陈骏德听得目瞪口呆,嚯,没想到这货嘴里还能说出这样的话来,着实不简单啊,细想之下说的还是颇有道理的,让在后世听惯了那些励志故事,喝吐了心灵鸡汤,吃腻了名言警句的陈骏德心中豁然开朗,脑海里萌生了一个新的世界观,活着或许该率性一些,方才不失生命之真谛,造物主功参造化,孕育众生,可不是让人人都这样心中算计,活得如此之复杂。想做就做,想停即停,就好比泡了一袋方便面,尝尝味道正好,直接倒掉,叫上好哥们下馆子一般,没有什么理由,也没有什么想法,就是任性。为自己而活,何必在乎其他的人的看法,活给自己,自己舒心就好,哪管之后洪水滔天。
现在回想起那些所谓的成功人士,社会名流在那里慷慨激昂,催人尿下是多么的无知,多么虚伪,冥冥之中自有定数,每个人都是唯一,世上没有两片相同的叶子,也不可能按照你所谓的成功经验从而获得成功,顺天者逸,逆天者劳,没有认清自己而盲目的跟从,拾人牙慧乃滑天下之大稽,殊不知天道昭昭,循环往复,争是不争,不争是争,又有几个人能说得清楚呢。看来后世的末法时代,魑魅魍魉层出不穷。
“呦,大宇此言当真如醍醐灌顶,令小生茅塞顿开。

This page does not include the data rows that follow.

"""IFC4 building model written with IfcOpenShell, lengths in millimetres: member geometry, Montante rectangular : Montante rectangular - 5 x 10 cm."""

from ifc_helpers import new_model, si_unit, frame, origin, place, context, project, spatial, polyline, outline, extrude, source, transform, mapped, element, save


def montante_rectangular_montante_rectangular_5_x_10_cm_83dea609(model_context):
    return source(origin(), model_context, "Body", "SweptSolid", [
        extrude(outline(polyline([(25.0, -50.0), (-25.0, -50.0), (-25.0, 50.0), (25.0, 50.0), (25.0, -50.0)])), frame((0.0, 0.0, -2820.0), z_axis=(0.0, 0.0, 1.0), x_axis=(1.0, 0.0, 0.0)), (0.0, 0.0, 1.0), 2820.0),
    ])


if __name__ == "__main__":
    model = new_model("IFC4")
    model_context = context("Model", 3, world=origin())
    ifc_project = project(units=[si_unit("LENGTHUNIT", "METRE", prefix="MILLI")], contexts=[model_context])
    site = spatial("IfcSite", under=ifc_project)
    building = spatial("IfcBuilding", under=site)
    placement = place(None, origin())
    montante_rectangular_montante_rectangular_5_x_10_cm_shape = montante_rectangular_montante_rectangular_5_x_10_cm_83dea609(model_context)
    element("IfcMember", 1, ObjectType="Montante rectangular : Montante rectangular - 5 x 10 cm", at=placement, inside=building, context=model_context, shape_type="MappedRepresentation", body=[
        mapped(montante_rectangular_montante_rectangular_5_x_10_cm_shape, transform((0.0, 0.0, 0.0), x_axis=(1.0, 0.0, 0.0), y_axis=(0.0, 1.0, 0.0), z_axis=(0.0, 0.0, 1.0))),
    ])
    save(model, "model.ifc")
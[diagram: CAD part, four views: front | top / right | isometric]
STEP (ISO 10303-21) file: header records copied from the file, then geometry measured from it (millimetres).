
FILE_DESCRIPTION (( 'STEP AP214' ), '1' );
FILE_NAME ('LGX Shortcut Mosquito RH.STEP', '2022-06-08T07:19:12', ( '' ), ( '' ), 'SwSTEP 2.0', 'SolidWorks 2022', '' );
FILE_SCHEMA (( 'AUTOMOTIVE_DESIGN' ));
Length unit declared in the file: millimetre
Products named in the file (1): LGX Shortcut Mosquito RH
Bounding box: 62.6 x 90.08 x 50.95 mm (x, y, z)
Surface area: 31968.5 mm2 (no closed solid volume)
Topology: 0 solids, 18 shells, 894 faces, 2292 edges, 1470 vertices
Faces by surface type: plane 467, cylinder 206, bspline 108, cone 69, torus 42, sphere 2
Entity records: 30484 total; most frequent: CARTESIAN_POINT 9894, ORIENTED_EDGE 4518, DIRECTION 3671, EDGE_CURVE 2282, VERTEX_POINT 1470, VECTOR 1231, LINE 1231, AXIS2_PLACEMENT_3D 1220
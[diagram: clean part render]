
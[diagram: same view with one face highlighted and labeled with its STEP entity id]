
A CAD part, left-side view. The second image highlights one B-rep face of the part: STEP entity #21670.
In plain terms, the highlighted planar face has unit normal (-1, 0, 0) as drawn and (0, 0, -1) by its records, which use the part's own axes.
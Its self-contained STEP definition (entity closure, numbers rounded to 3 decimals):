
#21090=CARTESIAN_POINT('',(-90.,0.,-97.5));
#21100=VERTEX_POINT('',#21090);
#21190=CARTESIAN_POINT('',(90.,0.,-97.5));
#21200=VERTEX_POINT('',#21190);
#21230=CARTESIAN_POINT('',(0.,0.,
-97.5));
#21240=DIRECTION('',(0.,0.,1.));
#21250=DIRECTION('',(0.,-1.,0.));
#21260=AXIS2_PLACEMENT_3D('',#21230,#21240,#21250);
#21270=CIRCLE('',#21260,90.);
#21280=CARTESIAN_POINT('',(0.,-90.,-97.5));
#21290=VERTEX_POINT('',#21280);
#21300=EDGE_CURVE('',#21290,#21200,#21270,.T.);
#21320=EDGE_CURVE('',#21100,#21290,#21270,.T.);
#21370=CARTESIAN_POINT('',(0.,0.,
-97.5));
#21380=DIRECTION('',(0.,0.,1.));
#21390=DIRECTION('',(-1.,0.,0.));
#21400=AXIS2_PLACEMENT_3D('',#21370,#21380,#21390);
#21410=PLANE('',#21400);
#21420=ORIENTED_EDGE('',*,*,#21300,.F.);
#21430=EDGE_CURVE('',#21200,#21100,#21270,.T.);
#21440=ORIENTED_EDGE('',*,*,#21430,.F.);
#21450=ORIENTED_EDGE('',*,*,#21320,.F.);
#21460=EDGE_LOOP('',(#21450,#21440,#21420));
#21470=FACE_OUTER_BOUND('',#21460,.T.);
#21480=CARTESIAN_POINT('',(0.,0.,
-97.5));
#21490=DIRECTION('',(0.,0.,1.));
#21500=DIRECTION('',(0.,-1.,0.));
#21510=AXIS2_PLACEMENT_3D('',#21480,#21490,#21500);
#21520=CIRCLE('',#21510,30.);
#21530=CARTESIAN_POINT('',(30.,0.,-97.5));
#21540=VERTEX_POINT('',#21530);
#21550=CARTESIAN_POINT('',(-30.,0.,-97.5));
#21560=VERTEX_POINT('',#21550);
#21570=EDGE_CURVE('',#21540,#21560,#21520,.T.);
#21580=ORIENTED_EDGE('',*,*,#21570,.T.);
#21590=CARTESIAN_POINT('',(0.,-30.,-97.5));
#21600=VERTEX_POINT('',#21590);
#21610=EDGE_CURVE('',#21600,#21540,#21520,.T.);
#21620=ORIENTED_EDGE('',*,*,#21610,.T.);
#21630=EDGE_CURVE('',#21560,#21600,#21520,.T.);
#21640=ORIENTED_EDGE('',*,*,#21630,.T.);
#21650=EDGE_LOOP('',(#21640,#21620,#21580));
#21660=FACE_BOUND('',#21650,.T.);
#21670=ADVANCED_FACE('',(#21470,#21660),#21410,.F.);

听君一席话,胜读十年书啊,学生受教了,用不用我在给你磕一个啊?快些起来,有事问你,你在磨磨蹭蹭的,这数十载你都没有了,还说什么精彩,尊严”。陈骏德言罢,便走到冯天宇床边,拽着他让其起床。
“哎,哎,骏哥莫闹,我起来就是了,什么事这么着急,难道你忽悠土匪被发现了?那可如何是好啊”。刚才还在大谈尊严的冯天宇顿时如泄了气的气球,着急忙慌的起身,满脸的焦急。
“哦,这到没有,但是我今天前去发现土匪头子身边那个壮汉不见了,不知道他去做了什么,若是跟我们兄弟二人无关还则罢了,要是去找郎中,你我可就骑虎难下了,到时候少不得三刀六洞,你我二人死后并骨,在阴曹地府做兄弟了”。
“哦,那怕什么啊,过几天家里来人咱就走了,之后跟我们有什么关系啊,骏哥,你又多想了”。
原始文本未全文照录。